# Trying to learn how to do room equalization



## brad l taylor (Mar 8, 2010)

Hi Home Theater folks:

I found this site after searching for software to help me equalize my room. I have an Onkyo amp with audyssey but I actually think things sound better with the processing turned off and manual eq. This has got me interested in really measuring things and I'm looking to set myself up to do some real measurements. (I'm an electronics engineer at work so I'm comfortable with engineering measurements). 

based on some web surfing, I think I'd like to get a good mic and USB input to do this work . I was thinking of getting a Blue Microphones Icicle and a Behringer ECM8000 mic. Anyone have any experience on how this might work out?

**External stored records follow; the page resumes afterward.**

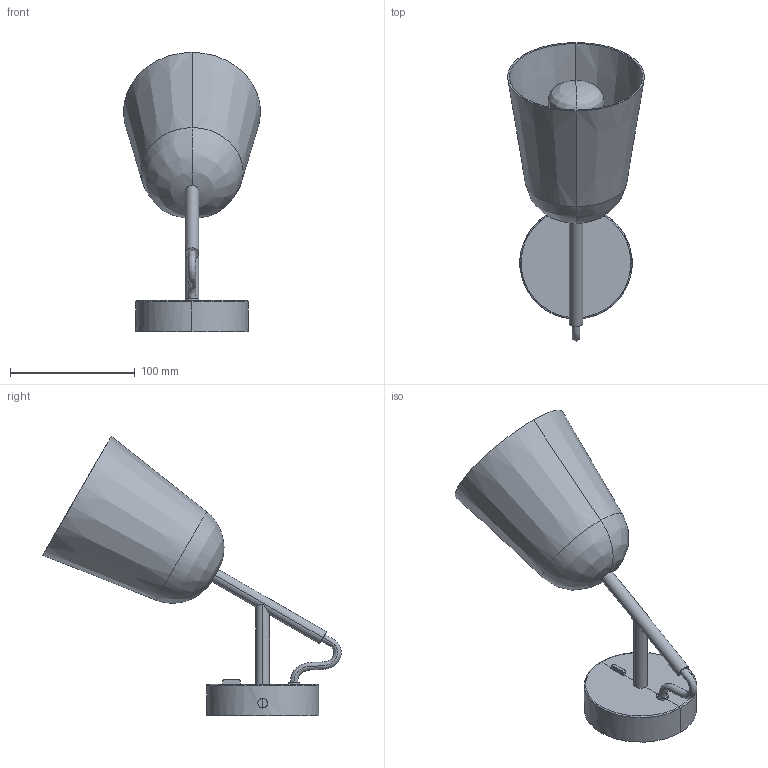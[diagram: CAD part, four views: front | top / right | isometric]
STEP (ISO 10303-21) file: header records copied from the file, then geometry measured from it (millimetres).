
FILE_DESCRIPTION(/* description */ (''),/* implementation_level */ '2;1');
FILE_NAME(/* name */ '28257.step',/* time_stamp */ '2024-06-06T16:31:17+02:00',/* author */ ('RenataManzini'),/* organization */ (''),/* preprocessor_version */ 'ST-DEVELOPER v20',/* originating_system */ 'AutoCAD Mechanical',/* authorisation */ '');
FILE_SCHEMA (('AUTOMOTIVE_DESIGN { 1 0 10303 214 3 1 1 }'));
Length unit declared in the file: millimetre
Products named in the file (2): Product; studio_aplique - STUDIO-464781-_3D_
Assembly tree (1 placements, depth 2):
  Product
    studio_aplique - STUDIO-464781-_3D_
Bounding box: 110.05 x 239.56 x 224.06 mm (x, y, z)
Volume: 186259.7 mm3; surface area: 127612.3 mm2
Topology: 10 solids, 10 shells, 117 faces, 262 edges, 164 vertices
Faces by surface type: plane 57, cylinder 36, cone 12, bspline 10, torus 2
Entity records: 5733 total; most frequent: CARTESIAN_POINT 3115, DIRECTION 529, ORIENTED_EDGE 514, EDGE_CURVE 257, AXIS2_PLACEMENT_3D 199, VERTEX_POINT 159, EDGE_LOOP 134, LINE 131
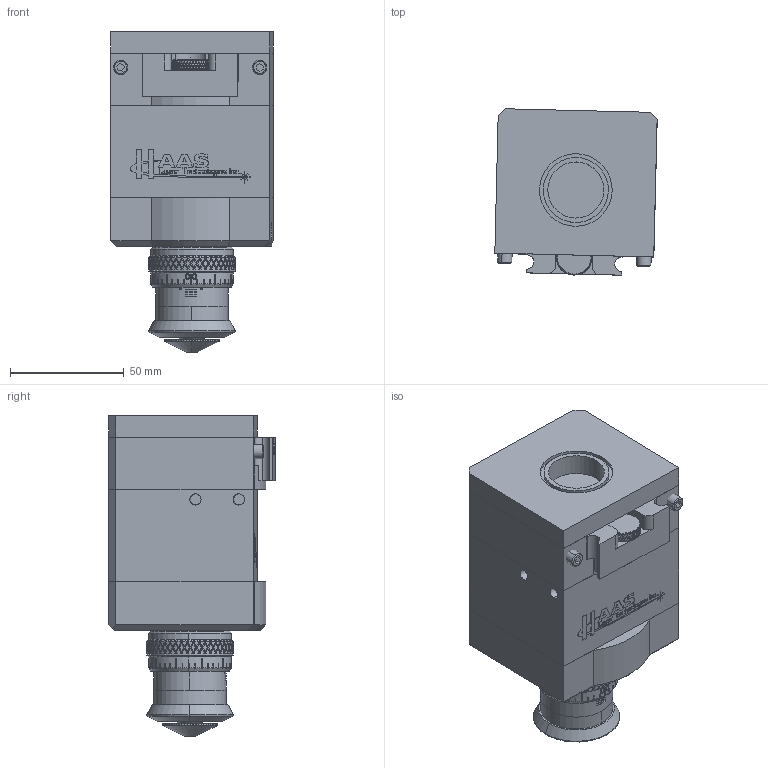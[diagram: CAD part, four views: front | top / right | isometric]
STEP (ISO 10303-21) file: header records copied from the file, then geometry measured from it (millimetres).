
FILE_DESCRIPTION (( 'STEP AP214' ), '1' );
FILE_NAME ('G6-25-28-127.STEP', '2016-11-03T14:47:23', ( '' ), ( '' ), 'SwSTEP 2.0', 'SolidWorks 2016', '' );
FILE_SCHEMA (( 'AUTOMOTIVE_DESIGN' ));
Length unit declared in the file: inch
Products named in the file (1): G6-25-28-127
Bounding box: 71.34 x 73.09 x 140.99 mm (x, y, z)
Volume: 478199.7 mm3; surface area: 98716.5 mm2
Topology: 22 solids, 22 shells, 3228 faces, 8544 edges, 5437 vertices
Faces by surface type: plane 2478, cylinder 621, cone 65, bspline 50, sphere 8, torus 6
Entity records: 102051 total; most frequent: CARTESIAN_POINT 27760, ORIENTED_EDGE 17080, DIRECTION 13301, EDGE_CURVE 8540, VERTEX_POINT 5437, LINE 5069, VECTOR 5069, AXIS2_PLACEMENT_3D 4116
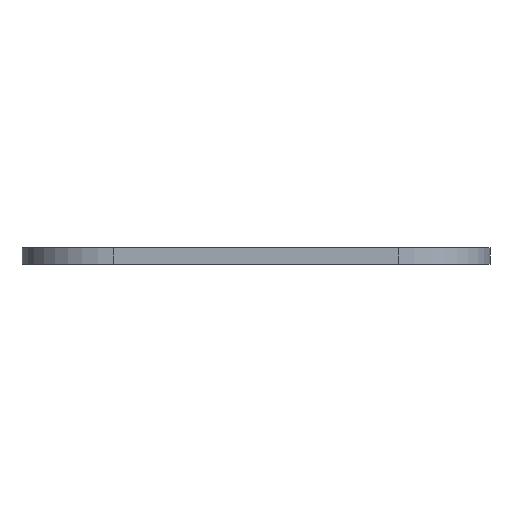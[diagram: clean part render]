
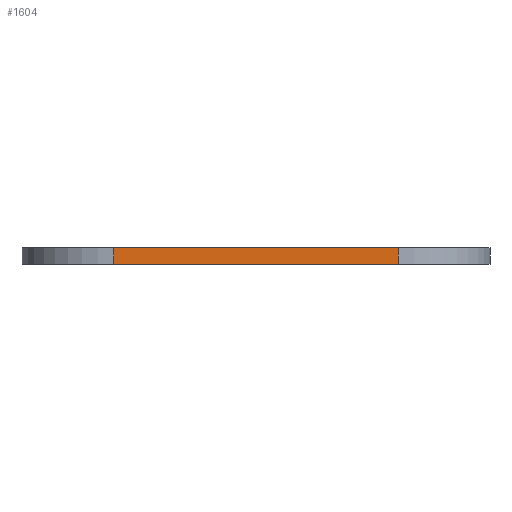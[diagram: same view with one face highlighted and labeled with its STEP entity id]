
A CAD part, left-side view. The second image highlights one B-rep face of the part: STEP entity #1604.
In plain terms, the highlighted planar face has unit normal (-1, 0, 0).
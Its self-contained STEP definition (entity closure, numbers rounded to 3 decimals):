
#44 = PLANE('',#45);
#45 = AXIS2_PLACEMENT_3D('',#46,#47,#48);
#46 = CARTESIAN_POINT('',(0.,0.,27.6));
#47 = DIRECTION('',(0.,0.,1.));
#48 = DIRECTION('',(1.,0.,-0.));
#72 = CYLINDRICAL_SURFACE('',#73,11.);
#73 = AXIS2_PLACEMENT_3D('',#74,#75,#76);
#74 = CARTESIAN_POINT('',(-17.,-17.,27.6));
#75 = DIRECTION('',(0.,0.,1.));
#76 = DIRECTION('',(0.,-1.,0.));
#100 = PLANE('',#101);
#101 = AXIS2_PLACEMENT_3D('',#102,#103,#104);
#102 = CARTESIAN_POINT('',(0.,0.,29.6));
#103 = DIRECTION('',(0.,0.,1.));
#104 = DIRECTION('',(1.,0.,-0.));
#140 = VERTEX_POINT('',#141);
#141 = CARTESIAN_POINT('',(-28.,-17.,27.6));
#490 = VERTEX_POINT('',#491);
#491 = CARTESIAN_POINT('',(-28.,17.,27.6));
#506 = CYLINDRICAL_SURFACE('',#507,11.);
#507 = AXIS2_PLACEMENT_3D('',#508,#509,#510);
#508 = CARTESIAN_POINT('',(-17.,17.,27.6));
#509 = DIRECTION('',(0.,0.,1.));
#510 = DIRECTION('',(-0.,1.,0.));
#518 = EDGE_CURVE('',#490,#140,#519,.T.);
#519 = SURFACE_CURVE('',#520,(#524,#531),.PCURVE_S1.);
#520 = LINE('',#521,#522);
#521 = CARTESIAN_POINT('',(-28.,28.,27.6));
#522 = VECTOR('',#523,1.);
#523 = DIRECTION('',(0.,-1.,0.));
#524 = PCURVE('',#44,#525);
#525 = DEFINITIONAL_REPRESENTATION('',(#526),#530);
#526 = LINE('',#527,#528);
#527 = CARTESIAN_POINT('',(-28.,28.));
#528 = VECTOR('',#529,1.);
#529 = DIRECTION('',(0.,-1.));
#530 = ( GEOMETRIC_REPRESENTATION_CONTEXT(2) 
PARAMETRIC_REPRESENTATION_CONTEXT() REPRESENTATION_CONTEXT('2D SPACE',''
  ) );
#531 = PCURVE('',#532,#537);
#532 = PLANE('',#533);
#533 = AXIS2_PLACEMENT_3D('',#534,#535,#536);
#534 = CARTESIAN_POINT('',(-28.,28.,27.6));
#535 = DIRECTION('',(1.,0.,-0.));
#536 = DIRECTION('',(0.,-1.,0.));
#537 = DEFINITIONAL_REPRESENTATION('',(#538),#542);
#538 = LINE('',#539,#540);
#539 = CARTESIAN_POINT('',(0.,0.));
#540 = VECTOR('',#541,1.);
#541 = DIRECTION('',(1.,0.));
#542 = ( GEOMETRIC_REPRESENTATION_CONTEXT(2) 
PARAMETRIC_REPRESENTATION_CONTEXT() REPRESENTATION_CONTEXT('2D SPACE',''
  ) );
#957 = VERTEX_POINT('',#958);
#958 = CARTESIAN_POINT('',(-28.,-17.,29.6));
#1232 = VERTEX_POINT('',#1233);
#1233 = CARTESIAN_POINT('',(-28.,17.,29.6));
#1255 = EDGE_CURVE('',#1232,#957,#1256,.T.);
#1256 = SURFACE_CURVE('',#1257,(#1261,#1268),.PCURVE_S1.);
#1257 = LINE('',#1258,#1259);
#1258 = CARTESIAN_POINT('',(-28.,28.,29.6));
#1259 = VECTOR('',#1260,1.);
#1260 = DIRECTION('',(0.,-1.,0.));
#1261 = PCURVE('',#100,#1262);
#1262 = DEFINITIONAL_REPRESENTATION('',(#1263),#1267);
#1263 = LINE('',#1264,#1265);
#1264 = CARTESIAN_POINT('',(-28.,28.));
#1265 = VECTOR('',#1266,1.);
#1266 = DIRECTION('',(0.,-1.));
#1267 = ( GEOMETRIC_REPRESENTATION_CONTEXT(2) 
PARAMETRIC_REPRESENTATION_CONTEXT() REPRESENTATION_CONTEXT('2D SPACE',''
  ) );
#1268 = PCURVE('',#532,#1269);
#1269 = DEFINITIONAL_REPRESENTATION('',(#1270),#1274);
#1270 = LINE('',#1271,#1272);
#1271 = CARTESIAN_POINT('',(0.,-2.));
#1272 = VECTOR('',#1273,1.);
#1273 = DIRECTION('',(1.,0.));
#1274 = ( GEOMETRIC_REPRESENTATION_CONTEXT(2) 
PARAMETRIC_REPRESENTATION_CONTEXT() REPRESENTATION_CONTEXT('2D SPACE',''
  ) );
#1582 = EDGE_CURVE('',#140,#957,#1583,.T.);
#1583 = SURFACE_CURVE('',#1584,(#1588,#1595),.PCURVE_S1.);
#1584 = LINE('',#1585,#1586);
#1585 = CARTESIAN_POINT('',(-28.,-17.,27.6));
#1586 = VECTOR('',#1587,1.);
#1587 = DIRECTION('',(0.,0.,1.));
#1588 = PCURVE('',#72,#1589);
#1589 = DEFINITIONAL_REPRESENTATION('',(#1590),#1594);
#1590 = LINE('',#1591,#1592);
#1591 = CARTESIAN_POINT('',(-1.571,0.));
#1592 = VECTOR('',#1593,1.);
#1593 = DIRECTION('',(-0.,1.));
#1594 = ( GEOMETRIC_REPRESENTATION_CONTEXT(2) 
PARAMETRIC_REPRESENTATION_CONTEXT() REPRESENTATION_CONTEXT('2D SPACE',''
  ) );
#1595 = PCURVE('',#532,#1596);
#1596 = DEFINITIONAL_REPRESENTATION('',(#1597),#1601);
#1597 = LINE('',#1598,#1599);
#1598 = CARTESIAN_POINT('',(45.,0.));
#1599 = VECTOR('',#1600,1.);
#1600 = DIRECTION('',(0.,-1.));
#1601 = ( GEOMETRIC_REPRESENTATION_CONTEXT(2) 
PARAMETRIC_REPRESENTATION_CONTEXT() REPRESENTATION_CONTEXT('2D SPACE',''
  ) );
#1604 = ADVANCED_FACE('',(#1605),#532,.F.);
#1605 = FACE_BOUND('',#1606,.F.);
#1606 = EDGE_LOOP('',(#1607,#1608,#1629,#1630));
#1607 = ORIENTED_EDGE('',*,*,#518,.F.);
#1608 = ORIENTED_EDGE('',*,*,#1609,.T.);
#1609 = EDGE_CURVE('',#490,#1232,#1610,.T.);
#1610 = SURFACE_CURVE('',#1611,(#1615,#1622),.PCURVE_S1.);
#1611 = LINE('',#1612,#1613);
#1612 = CARTESIAN_POINT('',(-28.,17.,27.6));
#1613 = VECTOR('',#1614,1.);
#1614 = DIRECTION('',(0.,0.,1.));
#1615 = PCURVE('',#532,#1616);
#1616 = DEFINITIONAL_REPRESENTATION('',(#1617),#1621);
#1617 = LINE('',#1618,#1619);
#1618 = CARTESIAN_POINT('',(11.,0.));
#1619 = VECTOR('',#1620,1.);
#1620 = DIRECTION('',(0.,-1.));
#1621 = ( GEOMETRIC_REPRESENTATION_CONTEXT(2) 
PARAMETRIC_REPRESENTATION_CONTEXT() REPRESENTATION_CONTEXT('2D SPACE',''
  ) );
#1622 = PCURVE('',#506,#1623);
#1623 = DEFINITIONAL_REPRESENTATION('',(#1624),#1628);
#1624 = LINE('',#1625,#1626);
#1625 = CARTESIAN_POINT('',(1.571,0.));
#1626 = VECTOR('',#1627,1.);
#1627 = DIRECTION('',(0.,1.));
#1628 = ( GEOMETRIC_REPRESENTATION_CONTEXT(2) 
PARAMETRIC_REPRESENTATION_CONTEXT() REPRESENTATION_CONTEXT('2D SPACE',''
  ) );
#1629 = ORIENTED_EDGE('',*,*,#1255,.T.);
#1630 = ORIENTED_EDGE('',*,*,#1582,.F.);

I'd appreciate any advice in this area
-
Brad


----------



## recruit (May 9, 2009)

Hello Brad and welcome to the Home Theatre Shack :T

I'm moving your post to a more appropriate forum where hopefully you will get the answers you are looking for 

Also please check out our  REW Forum  & our 
BFD | Electronic Equalization Devices Forum as there is also plenty of info and lots to learn and ask in these areas too.


----------



## Wayne A. Pflughaupt (Apr 13, 2006)

Hi Brad,

Room measurements will only be as good as the measurement platform and the equipment connected to it. We can provide you with the platform, REW. The problem with the "equipment connected" is that none of it that is affordable is perfectly accurate. To overcome this situation, calibration files can be added to REW, to remove the deviations from flat response that you will find with mics and sound cards. 

Your best bet will be to buy an ECM8000 mic complete with a custom calibration file from our preferred vendor, Cross Spectrum. We do provide a generic calibration file, but there is simply too much deviation from one mic to the next to insure you’ll get perfect accuracy from a generic file. (See mic variations graph here.) 

As for the sound card/mic pre amp, REW can generate a calibration file for it.

The problem with a USB mic pre amp like the Blue Icicle is that REW cannot generate a calibration file for it. In order for REW to generate a calibration file, a full duplex sound card with line-level inputs and outputs is required. Therefore, the only way you can expect accurate results from the Icicle would be if the manufacturer could provide a frequency response plot for it. If you can get one, you can generate your own calibration file that could be loaded into REW.

Regards,
Wayne


----------



## glaufman (Nov 25, 2007)

+1 on everything Wayne said, and welcome to the Shack!


----------



## drdoan (Aug 30, 2006)

Welcome Brad. Wayne is spot on. Have fun. Dennis


----------



## brad l taylor (Mar 8, 2010)

Thanks guys for the warm welcome - Unfortunately I just ordered the ECM8000 last night from amazon and the blue icicle preamp. I guess I should have waited for your good advise, but maybe I can find a way to use it. 

Playing around with my existing mic I can see I have a lot of work to do just learning how to use REW. (I'm using the mic from the onkyo eq). In fact I realize that I totally don't understand how my amp is working since it doesn't seem to be driving my subwoofer the way I expect. Also the onkyo is shutting down when I run the auto eq ;( so I'm not sure what's going on. 

I'll check back in when I have some results


----------



## glaufman (Nov 25, 2007)

Hi Brad-
Don't fret too much about the results you get using REW with the mic supplied with your Onkyo. All affordable mics are going to require a calibration file to adjust for anomalies in their response. Since I believe you wouldn't have one for the Onkyo mic, you wouldn't be able to load it into REW, reducing the accuracy of the results. Onkyo builds a cal file into their other equipment to adjust for the mic.


----------